And then his version  of Hendrix "All Along The Watch Tower"


----------



## zwiller

LOL.  I consider myself pretty schooled in rock music but never had heard of Pat Travers until a few years ago.  Buddy of mine that told me about them gave me Go For What You Know disc...  WOAH.  What a treat!  

Anyhoo...  I forget who mentioned Ghost.  LOL.  Remember when you Mom/teacher/pastor told you KISS stood for Knights in Satan's Service???     Check out Ghost...


----------



## Blues1

Some folks don't realize that Santana is not who wrote Black Magic Woman. They think he did because he's the only one they've heard sing it. Here's your original... Fleetwood Mac with Peter Green


----------



## Blues1

These guys are from Atlanta. Check them out. Blackberry Smoke
Listen to the words to this one. I guarantee you it'll take you back to the good ole days!


----------



## bdawg

Very cool, Blues1.
Thanks for posting that.  I never heard of them before but I'll check them out.

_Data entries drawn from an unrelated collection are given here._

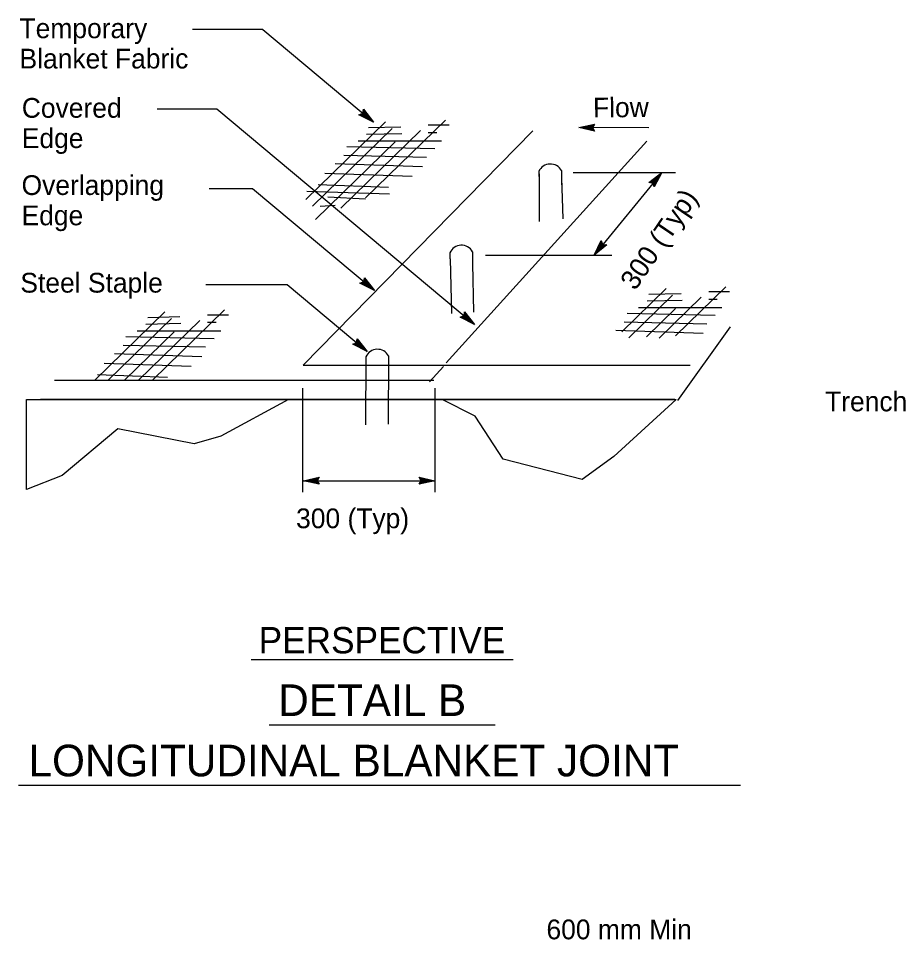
# Model space of a CAD drawing. Extents: x 6712486 to 6713732, y 1869200 to 1869925.
# Drawn here: x 6712746.5 to 6713027, y 1869623.4 to 1869914.6 of the extents above; entities that cross this region are included whole.
import ezdxf

# ---------------------------------------------------------------- set-up
doc = ezdxf.new("R2010")
doc.units = 0
for name, color, linetype in [('56 Stg 3 Anno', 7, 'Continuous'), ('57 Undefined', 7, 'Continuous'), ('60 Nongeo Data', 7, 'Continuous')]:
    doc.layers.add(name, color=color, linetype=linetype)

msp = doc.modelspace()

# ---------------------------------------------------------------- linework, layer by layer
at = {"layer": '56 Stg 3 Anno'}
for p, q in [((6712855.41, 1869884.54), (6712855.62, 1869885.83)), ((6712855.56, 1869885.48), (6712857.86, 1869882.51)), ((6712855.62, 1869885.83), (6712855.62, 1869885.83)), ((6712855.62, 1869885.83), (6712858.74, 1869881.77)), ((6712854.19, 1869884.12), (6712855.41, 1869884.54)), ((6712858.74, 1869881.77), (6712854.19, 1869884.12)), ((6712854.19, 1869884.12), (6712854.19, 1869884.12)), ((6712857.85, 1869882.51), (6712854.53, 1869884.22)), ((6712856.97, 1869883.25), (6712854.83, 1869884.35)), ((6712856.09, 1869883.98), (6712855.17, 1869884.46)), ((6712855.45, 1869884.81), (6712856.09, 1869883.98)), ((6712855.52, 1869885.13), (6712856.97, 1869883.25)), ((6712858.74, 1869881.77), (6712858.74, 1869881.77)), ((6712923.65, 1869880.08), (6712928.64, 1869881.19)), ((6712928.64, 1869878.97), (6712923.65, 1869880.08)), ((6712923.65, 1869880.08), (6712923.65, 1869880.08)), ((6712928.46, 1869879.26), (6712924.8, 1869880.08)), ((6712924.81, 1869880.08), (6712928.45, 1869880.89)), ((6712925.95, 1869880.08), (6712928.3, 1869880.6)), ((6712928.27, 1869879.56), (6712925.95, 1869880.08)), ((6712927.1, 1869880.08), (6712928.1, 1869880.3)), ((6712928.12, 1869879.85), (6712927.1, 1869880.08)), ((6712928.64, 1869881.19), (6712927.98, 1869880.08)), ((6712927.98, 1869880.08), (6712928.64, 1869878.97)), ((6712928.64, 1869881.19), (6712928.64, 1869881.19)), ((6712928.64, 1869878.97), (6712928.64, 1869878.97)), ((6712945.85, 1869862.74), (6712949.9, 1869865.88)), ((6712949.9, 1869865.88), (6712947.56, 1869861.32)), ((6712949.9, 1869865.88), (6712949.9, 1869865.88)), ((6712947.14, 1869862.54), (6712945.85, 1869862.74)), ((6712945.85, 1869862.74), (6712945.85, 1869862.74)), ((6712946.2, 1869862.69), (6712949.17, 1869864.99)), ((6712946.55, 1869862.65), (6712948.43, 1869864.11)), ((6712946.87, 1869862.58), (6712947.7, 1869863.22)), ((6712947.56, 1869861.33), (6712947.14, 1869862.54)), ((6712947.7, 1869863.22), (6712947.22, 1869862.31)), ((6712948.43, 1869864.11), (6712947.33, 1869861.96)), ((6712949.16, 1869864.98), (6712947.46, 1869861.67)), ((6712947.56, 1869861.33), (6712947.56, 1869861.33)), ((6712928.52, 1869839.73), (6712930.77, 1869844.33)), ((6712932.51, 1869842.95), (6712928.52, 1869839.73)), ((6712929.24, 1869840.64), (6712930.88, 1869843.99)), ((6712932.16, 1869842.99), (6712929.24, 1869840.63)), ((6712929.96, 1869841.53), (6712931.01, 1869843.7)), ((6712931.81, 1869843.03), (6712929.96, 1869841.53)), ((6712930.67, 1869842.43), (6712931.13, 1869843.36)), ((6712931.49, 1869843.09), (6712930.67, 1869842.43)), ((6712930.77, 1869844.33), (6712930.77, 1869844.33)), ((6712930.77, 1869844.33), (6712931.22, 1869843.12)), ((6712931.22, 1869843.12), (6712932.51, 1869842.95)), ((6712932.51, 1869842.95), (6712932.51, 1869842.95)), ((6712928.52, 1869839.73), (6712928.52, 1869839.73)), ((6712854.52, 1869830.89), (6712855.74, 1869831.32)), ((6712859.07, 1869828.55), (6712854.52, 1869830.89)), ((6712854.52, 1869830.89), (6712854.52, 1869830.89)), ((6712858.18, 1869829.29), (6712854.86, 1869831)), ((6712857.3, 1869830.02), (6712855.16, 1869831.12)), ((6712856.42, 1869830.76), (6712855.5, 1869831.23)), ((6712855.74, 1869831.32), (6712855.94, 1869832.6)), ((6712855.78, 1869831.59), (6712856.42, 1869830.76)), ((6712855.85, 1869831.9), (6712857.3, 1869830.02)), ((6712855.89, 1869832.26), (6712858.18, 1869829.28)), ((6712855.94, 1869832.6), (6712855.94, 1869832.6)), ((6712855.94, 1869832.6), (6712859.07, 1869828.55)), ((6712859.07, 1869828.55), (6712859.07, 1869828.55)), ((6712887.4, 1869820.54), (6712887.6, 1869821.83)), ((6712887.55, 1869821.48), (6712889.84, 1869818.51)), ((6712887.6, 1869821.83), (6712887.6, 1869821.83)), ((6712887.6, 1869821.83), (6712890.72, 1869817.77)), ((6712886.18, 1869820.12), (6712887.4, 1869820.54)), ((6712890.72, 1869817.77), (6712886.18, 1869820.12)), ((6712886.18, 1869820.12), (6712886.18, 1869820.12)), ((6712889.83, 1869818.51), (6712886.52, 1869820.22)), ((6712888.96, 1869819.24), (6712886.81, 1869820.35)), ((6712888.07, 1869819.98), (6712887.16, 1869820.45)), ((6712887.43, 1869820.81), (6712888.07, 1869819.98)), ((6712887.5, 1869821.13), (6712888.96, 1869819.24)), ((6712890.72, 1869817.77), (6712890.72, 1869817.77)), ((6712853.46, 1869812.05), (6712853.66, 1869813.33)), ((6712853.61, 1869812.99), (6712855.9, 1869810.02)), ((6712853.66, 1869813.33), (6712853.66, 1869813.33)), ((6712853.66, 1869813.33), (6712856.78, 1869809.28)), ((6712856.78, 1869809.28), (6712852.23, 1869811.63)), ((6712852.24, 1869811.63), (6712853.46, 1869812.05)), ((6712852.24, 1869811.63), (6712852.24, 1869811.63)), ((6712855.89, 1869810.02), (6712852.58, 1869811.73)), ((6712855.02, 1869810.75), (6712852.87, 1869811.86)), ((6712854.13, 1869811.49), (6712853.22, 1869811.96)), ((6712853.49, 1869812.32), (6712854.13, 1869811.49)), ((6712853.56, 1869812.64), (6712855.02, 1869810.75)), ((6712856.78, 1869809.28), (6712856.78, 1869809.28)), ((6712836.62, 1869768.43), (6712841.62, 1869769.53)), ((6712837.78, 1869768.43), (6712841.43, 1869769.23)), ((6712841.62, 1869769.53), (6712840.95, 1869768.43)), ((6712841.62, 1869769.53), (6712841.62, 1869769.53)), ((6712873.9, 1869768.43), (6712873.23, 1869769.54)), ((6712873.23, 1869769.54), (6712873.23, 1869769.54)), ((6712873.23, 1869769.54), (6712878.23, 1869768.43)), ((6712873.41, 1869769.25), (6712877.08, 1869768.43)), ((6712841.62, 1869767.31), (6712836.62, 1869768.43)), ((6712836.62, 1869768.43), (6712836.62, 1869768.43)), ((6712841.44, 1869767.61), (6712837.77, 1869768.43)), ((6712838.93, 1869768.42), (6712841.28, 1869768.95)), ((6712841.25, 1869767.91), (6712838.93, 1869768.42)), ((6712840.08, 1869768.42), (6712841.08, 1869768.65)), ((6712841.1, 1869768.19), (6712840.08, 1869768.42)), ((6712840.95, 1869768.43), (6712841.62, 1869767.31)), ((6712841.62, 1869767.31), (6712841.62, 1869767.31)), ((6712878.23, 1869768.43), (6712873.23, 1869767.32)), ((6712873.23, 1869767.32), (6712873.9, 1869768.43)), ((6712873.23, 1869767.32), (6712873.23, 1869767.32)), ((6712877.07, 1869768.42), (6712873.43, 1869767.62)), ((6712875.93, 1869768.43), (6712873.58, 1869767.91)), ((6712873.61, 1869768.95), (6712875.93, 1869768.43)), ((6712873.76, 1869768.66), (6712874.78, 1869768.43)), ((6712874.78, 1869768.43), (6712873.77, 1869768.21)), ((6712878.23, 1869768.43), (6712878.23, 1869768.43))]:
    msp.add_line(p, q, dxfattribs=at)
at = {"layer": '57 Undefined'}
for p, q in [((6712820.12, 1869711.94), (6712902.91, 1869711.94)), ((6712825.81, 1869691.29), (6712897.28, 1869691.29)), ((6712746.54, 1869672.22), (6712974.81, 1869672.22))]:
    msp.add_line(p, q, dxfattribs=at)
at = {"layer": '60 Nongeo Data'}
for p, q in [((6712862.61, 1869881.84), (6712837.41, 1869857.29)), ((6712864.7, 1869879.74), (6712839.51, 1869855.19)), ((6712881.5, 1869882.43), (6712856.31, 1869857.89)), ((6712857.21, 1869880.04), (6712867.4, 1869880.34)), ((6712876.1, 1869880.94), (6712882.7, 1869880.94)), ((6712836.58, 1869804.96), (6712909.13, 1869879.02)), ((6712873.7, 1869879.14), (6712848.51, 1869854.59)), ((6712856.61, 1869877.94), (6712867.7, 1869878.24)), ((6712876.1, 1869878.54), (6712878.8, 1869878.54)), ((6712865.6, 1869875.55), (6712840.41, 1869851)), ((6712850.31, 1869874.05), (6712878.2, 1869873.45)), ((6712853.91, 1869875.85), (6712880.3, 1869875.85)), ((6712881.72, 1869805.75), (6712945.18, 1869875.78)), ((6712849.41, 1869871.36), (6712875.5, 1869870.76)), ((6712846.71, 1869868.66), (6712874.3, 1869867.77)), ((6712843.38, 1869865.62), (6712870.98, 1869864.72)), ((6712911.14, 1869866.23), (6712911.06, 1869866.18)), ((6712911.13, 1869864.65), (6712911.14, 1869866.23)), ((6712911.14, 1869865.44), (6712911.13, 1869850.4)), ((6712918.22, 1869866.48), (6712918.19, 1869861.98)), ((6712918.22, 1869866.48), (6712918.22, 1869866.48)), ((6712921.95, 1869865.88), (6712954.3, 1869865.88)), ((6712949.9, 1869865.88), (6712928.52, 1869839.73)), ((6712918.21, 1869864.23), (6712918.67, 1869851.24)), ((6712837.71, 1869859.98), (6712863.81, 1869859.08)), ((6712841.31, 1869862.08), (6712863.51, 1869861.18)), ((6712844.31, 1869858.19), (6712856.31, 1869857.59)), ((6712841.91, 1869855.19), (6712846.71, 1869855.49)), ((6712883, 1869840.55), (6712882.92, 1869840.51)), ((6712882.99, 1869838.53), (6712883, 1869840.55)), ((6712890.09, 1869840.8), (6712890.06, 1869837.15)), ((6712890.09, 1869840.8), (6712890.09, 1869840.8)), ((6712894.21, 1869839.73), (6712934.18, 1869839.73)), ((6712882.99, 1869838.53), (6712883.46, 1869821.33)), ((6712890.06, 1869837.15), (6712890.38, 1869821.74)), ((6712951.26, 1869829.15), (6712937.26, 1869815.52)), ((6712945.86, 1869827.36), (6712956.06, 1869827.66)), ((6712970.15, 1869829.75), (6712954.24, 1869814.25)), ((6712964.76, 1869828.26), (6712971.35, 1869828.26)), ((6712953.36, 1869827.06), (6712939.51, 1869813.57)), ((6712945.26, 1869825.26), (6712956.36, 1869825.56)), ((6712962.36, 1869826.46), (6712949.07, 1869813.52)), ((6712964.76, 1869825.86), (6712967.45, 1869825.86)), ((6712792.82, 1869821.82), (6712770.72, 1869800.28)), ((6712811.72, 1869822.41), (6712788.9, 1869800.18)), ((6712942.56, 1869823.17), (6712968.95, 1869823.17)), ((6712954.26, 1869822.87), (6712945.08, 1869813.93)), ((6712794.92, 1869819.72), (6712774.95, 1869800.26)), ((6712803.92, 1869819.12), (6712784.5, 1869800.2)), ((6712787.42, 1869820.02), (6712797.62, 1869820.32)), ((6712806.32, 1869820.92), (6712812.92, 1869820.92)), ((6712806.32, 1869818.52), (6712809.02, 1869818.52)), ((6712938.06, 1869818.68), (6712964.15, 1869818.08)), ((6712938.96, 1869821.37), (6712966.85, 1869820.77)), ((6712784.12, 1869815.83), (6712810.52, 1869815.83)), ((6712786.82, 1869817.92), (6712797.92, 1869818.22)), ((6712935.36, 1869815.98), (6712962.96, 1869815.09)), ((6712954.99, 1869793.83), (6712971.69, 1869817.06)), ((6712795.82, 1869815.53), (6712780.12, 1869800.23)), ((6712780.53, 1869814.03), (6712808.42, 1869813.43)), ((6712779.63, 1869811.34), (6712805.72, 1869810.74)), ((6712776.93, 1869808.64), (6712804.52, 1869807.75)), ((6712856.33, 1869786.09), (6712856.48, 1869807.66)), ((6712863.56, 1869807.91), (6712863.41, 1869786.35)), ((6712773.6, 1869805.6), (6712801.2, 1869804.7)), ((6712836.58, 1869804.96), (6712958.89, 1869804.96)), ((6712876.5, 1869799.73), (6712880.92, 1869804.55)), ((6712771.53, 1869802.06), (6712793.72, 1869801.16)), ((6712757.92, 1869800.22), (6712877.91, 1869800.22)), ((6712836.35, 1869797.66), (6712836.35, 1869764.87)), ((6712878.23, 1869797.66), (6712878.23, 1869764.87)), ((6712753.5, 1869794.12), (6712954.48, 1869794.12)), ((6712836.62, 1869768.43), (6712878.23, 1869768.43))]:
    msp.add_line(p, q, dxfattribs=at)
for points in [[(6712823.79, 1869911.03), (6712801.59, 1869911.09)], [(6712823.79, 1869911.03), (6712858.74, 1869881.77)], [(6712790.42, 1869885.98), (6712809.26, 1869885.98)], [(6712809.26, 1869885.98), (6712890.72, 1869817.77)], [(6712945.85, 1869880.02), (6712923.65, 1869880.08)], [(6712806.79, 1869860.83), (6712820.51, 1869860.83)], [(6712820.51, 1869860.83), (6712859.07, 1869828.55)], [(6712805.76, 1869830.47), (6712831.48, 1869830.47)], [(6712831.48, 1869830.47), (6712856.78, 1869809.28)]]:
    msp.add_lwpolyline(points, dxfattribs=at)
for points in [[(6712831.88, 1869794.12), (6712810.58, 1869782.48), (6712802.14, 1869780.08), (6712778.02, 1869784.89), (6712760.34, 1869770.05), (6712749.08, 1869765.63), (6712749.08, 1869794.12), (6712834.29, 1869794.12)], [(6712753.5, 1869794.12), (6712954.48, 1869794.12), (6712934.78, 1869776.06), (6712924.73, 1869768.84), (6712899.81, 1869775.26), (6712890.97, 1869788.9), (6712880.52, 1869794.12), (6712868.86, 1869794.12), (6712954.08, 1869794.12)]]:
    msp.add_lwpolyline(points, close=True, dxfattribs=at)
for centre in [(6712914.71, 1869864.54), (6712886.58, 1869838.87), (6712860.05, 1869805.98)]:
    msp.add_arc(centre, 4.01, 28.8752, 155.8761, dxfattribs=at)

# ---------------------------------------------------------------- texts
at = {"layer": '57 Undefined'}
for s, height, p in [('PERSPECTIVE', 8.3268, (6712822.48, 1869713.87)), ('DETAIL B', 9.992, (6712828.69, 1869694.08)), ('LONGITUDINAL BLANKET JOINT', 9.9921, (6712749.74, 1869675.01))]:
    msp.add_text(s, height=height, dxfattribs=at).set_placement(p)
at = {"layer": '60 Nongeo Data'}
for s, height, p in [('Temporary ', 6.245, (6712746.89, 1869908.32)), ('Blanket Fabric', 6.2451, (6712746.89, 1869898.74)), ('Covered ', 6.245, (6712747.61, 1869883.17)), ('Edge', 6.245, (6712747.61, 1869873.59)), ('Overlapping ', 6.2451, (6712747.54, 1869858.76)), ('Edge', 6.245, (6712747.54, 1869849.18)), ('Steel Staple', 6.2451, (6712747.16, 1869827.9)), ('Trench', 6.245, (6713001.54, 1869790.38)), ('300 (Typ)', 6.245, (6712834.32, 1869753.43)), ('600 mm Min', 6.245, (6712913.47, 1869623.5))]:
    msp.add_text(s, height=height, dxfattribs=at).set_placement(p)
for s, rotation, p in [('Flow', 0.4741, (6712928.2, 1869883.25)), ('300 (Typ)', 55.848, (6712941.54, 1869828.28))]:
    msp.add_text(s, height=6.245, rotation=rotation, dxfattribs=at).set_placement(p)

doc.saveas('drawing.dxf')

Seems that there's a blurry line between Country and Southern Rock that I can't define, but I know it when I hear it.  Those 2 songs were real close to that line though somehow I think they kinda fell on the Country side, but that's ok by me.
Good tunes is good tunes.


----------



## forktender

I like music, damn near all types of it but old school Rock'n Roll is by far my favorite...great thread idea.

I could go on for hours and hours, these are in no special order.


----------



## forktender




----------



## forktender




----------



## forktender

https://www.youtube.com/watch?v=0qanF-91aJo


----------



## Blues1

bdawg said:


> Very cool, Blues1.
> Thanks for posting that.  I never heard of them before but I'll check them out.
> 
> Seems that there's a blurry line between Country and Southern Rock that I can't define, but I know it when I hear it.  Those 2 songs were real close to that line though somehow I think they kinda fell on the Country side, but that's ok by me.
> Good tunes is good tunes.


I would agree. Just picked two that I liked. They also play a little blues. Really hard to define music these days. Most of today's country is not what I'd classify as country at all. I mean, it's ok, but it ain't country.


----------



## Smokin' in AZ

WOW Fork all really good tunes...

And a couple of new bands that have not been mentioned yet!

It is a shame that southern rock genre has been thrown into just general rock.

John


----------



## gmc2003

Here's another one to think about. How about the same band(with multiple hits across the globe) changes singers, and the replacement out performs the original on one of their biggest hits.  From down under the Little River Band. The Aussies version of the Eagles.

The little River Band - Cool Change: Glenn Shorrock:


...and the Little River Band - Cool Change: John Franham


Franham sings with such emotion. He definitely has some serious chops.

Chris


----------



## JckDanls 07

Whenever Pure Prairie League is mentioned the first thought is "Amie" ... lets stray away from that one and listen to some other tracks... 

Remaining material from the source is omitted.